Your instructions -
Please transcribe, exactly and only, the lines of the records below from the one holding "[picture p0: Inventor's" to the very end.

(Extracted records)
- - - - -
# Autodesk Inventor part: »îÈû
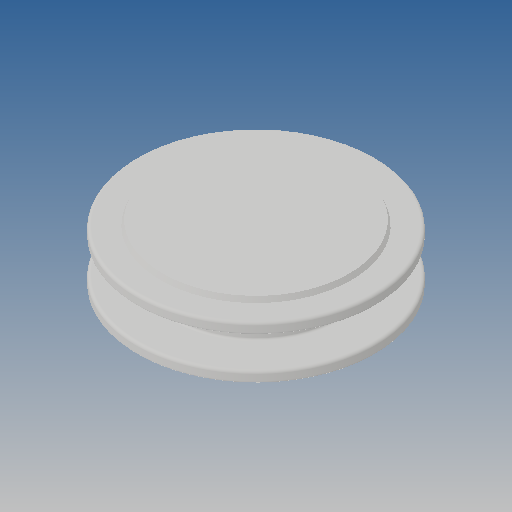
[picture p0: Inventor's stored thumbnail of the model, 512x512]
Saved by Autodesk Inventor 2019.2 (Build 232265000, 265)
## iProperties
Created: 2013-07
Part Number: »îÈû
Material: Ogólny
Document SubType Name: Modeling
Designer: CADENGINEERING4
Density: 1 g/cm^3
Appearance: Domyślna
Author: CADENGINEERING4
Revision Number: ÈÎºÎ
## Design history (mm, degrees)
feature "Ðý×ª1"
node "Bryła1"
- - - - -
Result for this task -
[picture p0: Inventor's stored thumbnail of the model, 512x512]
Saved by Autodesk Inventor 2019.2 (Build 232265000, 265)
## iProperties
Created: 2013-07
Part Number: »îÈû
Material: Ogólny
Document SubType Name: Modeling
Designer: CADENGINEERING4
Density: 1 g/cm^3
Appearance: Domyślna
Author: CADENGINEERING4
Revision Number: ÈÎºÎ
## Design history (mm, degrees)
feature "Ðý×ª1"
node "Bryła1"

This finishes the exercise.